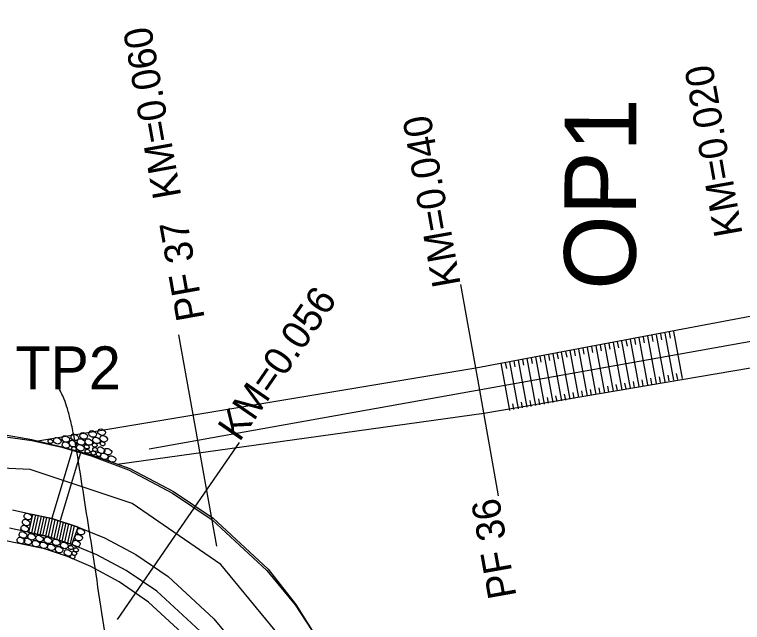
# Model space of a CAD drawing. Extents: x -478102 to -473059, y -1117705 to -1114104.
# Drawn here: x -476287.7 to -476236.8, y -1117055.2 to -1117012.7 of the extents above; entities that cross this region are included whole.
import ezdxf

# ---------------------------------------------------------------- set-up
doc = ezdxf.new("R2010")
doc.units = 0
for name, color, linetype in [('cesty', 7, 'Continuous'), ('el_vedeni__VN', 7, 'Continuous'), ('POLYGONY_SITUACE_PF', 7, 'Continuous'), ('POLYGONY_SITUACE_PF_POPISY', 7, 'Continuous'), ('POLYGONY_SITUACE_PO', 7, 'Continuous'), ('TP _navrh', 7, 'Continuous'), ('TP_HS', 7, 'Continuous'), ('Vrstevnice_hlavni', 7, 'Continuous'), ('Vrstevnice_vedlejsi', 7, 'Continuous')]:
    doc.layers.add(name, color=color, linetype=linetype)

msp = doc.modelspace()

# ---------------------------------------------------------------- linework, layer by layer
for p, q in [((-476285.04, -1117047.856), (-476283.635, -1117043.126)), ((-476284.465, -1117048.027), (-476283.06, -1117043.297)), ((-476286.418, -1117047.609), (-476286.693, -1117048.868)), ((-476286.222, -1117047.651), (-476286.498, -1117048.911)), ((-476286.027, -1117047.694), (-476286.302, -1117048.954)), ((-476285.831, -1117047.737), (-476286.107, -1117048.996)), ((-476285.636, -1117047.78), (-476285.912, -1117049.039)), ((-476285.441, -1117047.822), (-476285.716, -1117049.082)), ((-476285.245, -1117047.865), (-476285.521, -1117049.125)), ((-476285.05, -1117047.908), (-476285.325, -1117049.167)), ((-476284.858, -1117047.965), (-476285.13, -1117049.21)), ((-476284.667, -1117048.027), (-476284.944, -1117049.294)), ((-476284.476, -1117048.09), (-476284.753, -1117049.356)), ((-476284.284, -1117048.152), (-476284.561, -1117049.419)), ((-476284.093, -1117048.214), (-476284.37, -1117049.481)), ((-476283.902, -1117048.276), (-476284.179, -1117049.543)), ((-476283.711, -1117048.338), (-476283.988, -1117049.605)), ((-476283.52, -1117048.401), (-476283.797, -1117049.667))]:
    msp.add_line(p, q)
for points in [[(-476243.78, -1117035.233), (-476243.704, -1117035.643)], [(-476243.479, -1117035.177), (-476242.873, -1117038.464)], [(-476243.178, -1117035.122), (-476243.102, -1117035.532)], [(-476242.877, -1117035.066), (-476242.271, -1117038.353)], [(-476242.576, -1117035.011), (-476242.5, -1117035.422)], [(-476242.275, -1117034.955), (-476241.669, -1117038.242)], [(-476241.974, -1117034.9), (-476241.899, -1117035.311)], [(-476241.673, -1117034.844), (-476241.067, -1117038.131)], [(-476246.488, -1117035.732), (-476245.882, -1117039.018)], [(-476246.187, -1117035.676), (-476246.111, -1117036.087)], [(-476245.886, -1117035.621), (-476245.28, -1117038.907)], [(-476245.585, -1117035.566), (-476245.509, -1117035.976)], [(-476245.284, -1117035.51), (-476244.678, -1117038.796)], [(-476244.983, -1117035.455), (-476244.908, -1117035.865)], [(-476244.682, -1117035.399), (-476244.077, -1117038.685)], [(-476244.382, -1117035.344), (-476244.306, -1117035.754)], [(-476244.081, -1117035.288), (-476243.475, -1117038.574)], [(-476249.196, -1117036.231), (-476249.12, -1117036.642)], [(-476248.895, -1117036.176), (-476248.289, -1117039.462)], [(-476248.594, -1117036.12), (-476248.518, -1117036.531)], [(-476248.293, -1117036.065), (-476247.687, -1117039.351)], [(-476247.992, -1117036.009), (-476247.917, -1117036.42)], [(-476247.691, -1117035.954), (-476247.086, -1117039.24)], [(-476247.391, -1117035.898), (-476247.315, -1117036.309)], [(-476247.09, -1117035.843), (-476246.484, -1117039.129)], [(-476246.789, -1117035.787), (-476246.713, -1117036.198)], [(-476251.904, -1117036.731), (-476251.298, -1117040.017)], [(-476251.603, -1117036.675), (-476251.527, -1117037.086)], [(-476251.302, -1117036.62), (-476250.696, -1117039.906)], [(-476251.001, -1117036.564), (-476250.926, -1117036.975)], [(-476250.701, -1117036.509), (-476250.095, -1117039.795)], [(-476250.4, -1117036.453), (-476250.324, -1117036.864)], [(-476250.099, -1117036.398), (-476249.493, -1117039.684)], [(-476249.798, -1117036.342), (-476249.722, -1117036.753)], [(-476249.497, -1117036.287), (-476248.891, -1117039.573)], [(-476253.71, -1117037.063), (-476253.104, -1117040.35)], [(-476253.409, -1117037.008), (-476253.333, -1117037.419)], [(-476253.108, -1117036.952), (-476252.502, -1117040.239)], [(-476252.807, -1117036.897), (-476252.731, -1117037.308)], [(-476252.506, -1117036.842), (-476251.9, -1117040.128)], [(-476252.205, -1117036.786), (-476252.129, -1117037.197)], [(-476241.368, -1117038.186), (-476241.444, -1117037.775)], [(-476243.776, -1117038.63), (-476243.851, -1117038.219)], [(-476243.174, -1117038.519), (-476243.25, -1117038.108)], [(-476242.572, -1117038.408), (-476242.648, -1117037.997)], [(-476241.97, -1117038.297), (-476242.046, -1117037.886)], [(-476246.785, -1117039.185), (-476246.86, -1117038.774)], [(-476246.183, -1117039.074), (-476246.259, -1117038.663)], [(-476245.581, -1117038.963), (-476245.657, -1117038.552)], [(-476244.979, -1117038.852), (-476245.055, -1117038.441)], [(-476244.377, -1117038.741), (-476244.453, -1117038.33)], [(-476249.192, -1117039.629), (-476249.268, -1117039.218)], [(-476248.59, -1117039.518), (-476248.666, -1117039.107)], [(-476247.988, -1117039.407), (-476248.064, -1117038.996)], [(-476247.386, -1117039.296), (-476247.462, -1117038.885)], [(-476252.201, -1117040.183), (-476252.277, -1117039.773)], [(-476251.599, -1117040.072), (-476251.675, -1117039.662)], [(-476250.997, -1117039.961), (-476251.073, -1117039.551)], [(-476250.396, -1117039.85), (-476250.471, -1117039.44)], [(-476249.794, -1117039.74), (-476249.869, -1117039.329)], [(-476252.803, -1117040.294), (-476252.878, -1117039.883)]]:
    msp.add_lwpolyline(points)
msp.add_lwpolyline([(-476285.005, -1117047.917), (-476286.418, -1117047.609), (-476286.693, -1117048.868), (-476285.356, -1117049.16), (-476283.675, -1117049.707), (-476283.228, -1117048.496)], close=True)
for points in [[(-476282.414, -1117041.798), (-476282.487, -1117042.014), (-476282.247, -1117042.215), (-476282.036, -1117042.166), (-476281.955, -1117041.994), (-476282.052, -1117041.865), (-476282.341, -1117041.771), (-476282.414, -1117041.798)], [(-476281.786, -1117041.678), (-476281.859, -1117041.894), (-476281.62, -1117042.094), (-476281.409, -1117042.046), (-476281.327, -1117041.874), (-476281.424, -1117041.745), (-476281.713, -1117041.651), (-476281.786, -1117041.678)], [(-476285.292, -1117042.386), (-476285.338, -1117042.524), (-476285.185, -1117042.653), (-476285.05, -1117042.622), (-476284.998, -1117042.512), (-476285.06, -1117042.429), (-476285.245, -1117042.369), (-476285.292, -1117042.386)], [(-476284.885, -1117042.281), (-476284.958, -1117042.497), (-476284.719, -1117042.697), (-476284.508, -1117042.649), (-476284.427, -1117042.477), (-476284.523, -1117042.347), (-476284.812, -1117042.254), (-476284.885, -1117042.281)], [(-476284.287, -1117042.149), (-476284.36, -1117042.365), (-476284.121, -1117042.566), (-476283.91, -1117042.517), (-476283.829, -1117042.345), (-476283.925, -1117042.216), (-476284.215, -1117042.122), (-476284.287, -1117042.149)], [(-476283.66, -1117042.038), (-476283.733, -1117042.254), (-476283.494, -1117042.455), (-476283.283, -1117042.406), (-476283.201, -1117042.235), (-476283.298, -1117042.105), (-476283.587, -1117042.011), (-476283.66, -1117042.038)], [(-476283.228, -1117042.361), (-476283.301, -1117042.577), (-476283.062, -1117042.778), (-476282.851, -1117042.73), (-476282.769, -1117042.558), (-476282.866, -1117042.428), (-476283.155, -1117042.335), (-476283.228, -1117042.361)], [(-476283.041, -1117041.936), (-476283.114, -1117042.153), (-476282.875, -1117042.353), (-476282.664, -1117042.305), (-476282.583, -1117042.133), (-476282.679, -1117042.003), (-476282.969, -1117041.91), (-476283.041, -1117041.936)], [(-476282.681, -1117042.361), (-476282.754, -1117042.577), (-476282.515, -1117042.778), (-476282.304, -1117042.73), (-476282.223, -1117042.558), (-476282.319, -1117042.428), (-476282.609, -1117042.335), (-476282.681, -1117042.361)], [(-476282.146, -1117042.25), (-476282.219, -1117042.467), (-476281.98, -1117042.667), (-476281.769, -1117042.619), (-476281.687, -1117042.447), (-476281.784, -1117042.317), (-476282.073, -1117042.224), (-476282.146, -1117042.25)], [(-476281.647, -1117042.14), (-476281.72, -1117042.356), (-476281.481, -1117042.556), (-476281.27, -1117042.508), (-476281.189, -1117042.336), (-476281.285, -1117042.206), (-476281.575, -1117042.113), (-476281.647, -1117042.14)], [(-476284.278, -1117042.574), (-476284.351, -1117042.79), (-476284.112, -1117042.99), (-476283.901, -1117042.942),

•••••

WHAT TO DO :: Only one stretch of the entries above is wanted: the lines from the one containing "doc.units = 0" through the one containing "msp.add_line(p, q)". Please reproduce it exactly.

RESULT FOR THIS EXERCISE ::
doc.units = 0
for name, color, linetype in [('cesty', 7, 'Continuous'), ('el_vedeni__VN', 7, 'Continuous'), ('POLYGONY_SITUACE_PF', 7, 'Continuous'), ('POLYGONY_SITUACE_PF_POPISY', 7, 'Continuous'), ('POLYGONY_SITUACE_PO', 7, 'Continuous'), ('TP _navrh', 7, 'Continuous'), ('TP_HS', 7, 'Continuous'), ('Vrstevnice_hlavni', 7, 'Continuous'), ('Vrstevnice_vedlejsi', 7, 'Continuous')]:
    doc.layers.add(name, color=color, linetype=linetype)

msp = doc.modelspace()

# ---------------------------------------------------------------- linework, layer by layer
for p, q in [((-476285.04, -1117047.856), (-476283.635, -1117043.126)), ((-476284.465, -1117048.027), (-476283.06, -1117043.297)), ((-476286.418, -1117047.609), (-476286.693, -1117048.868)), ((-476286.222, -1117047.651), (-476286.498, -1117048.911)), ((-476286.027, -1117047.694), (-476286.302, -1117048.954)), ((-476285.831, -1117047.737), (-476286.107, -1117048.996)), ((-476285.636, -1117047.78), (-476285.912, -1117049.039)), ((-476285.441, -1117047.822), (-476285.716, -1117049.082)), ((-476285.245, -1117047.865), (-476285.521, -1117049.125)), ((-476285.05, -1117047.908), (-476285.325, -1117049.167)), ((-476284.858, -1117047.965), (-476285.13, -1117049.21)), ((-476284.667, -1117048.027), (-476284.944, -1117049.294)), ((-476284.476, -1117048.09), (-476284.753, -1117049.356)), ((-476284.284, -1117048.152), (-476284.561, -1117049.419)), ((-476284.093, -1117048.214), (-476284.37, -1117049.481)), ((-476283.902, -1117048.276), (-476284.179, -1117049.543)), ((-476283.711, -1117048.338), (-476283.988, -1117049.605)), ((-476283.52, -1117048.401), (-476283.797, -1117049.667))]:
    msp.add_line(p, q)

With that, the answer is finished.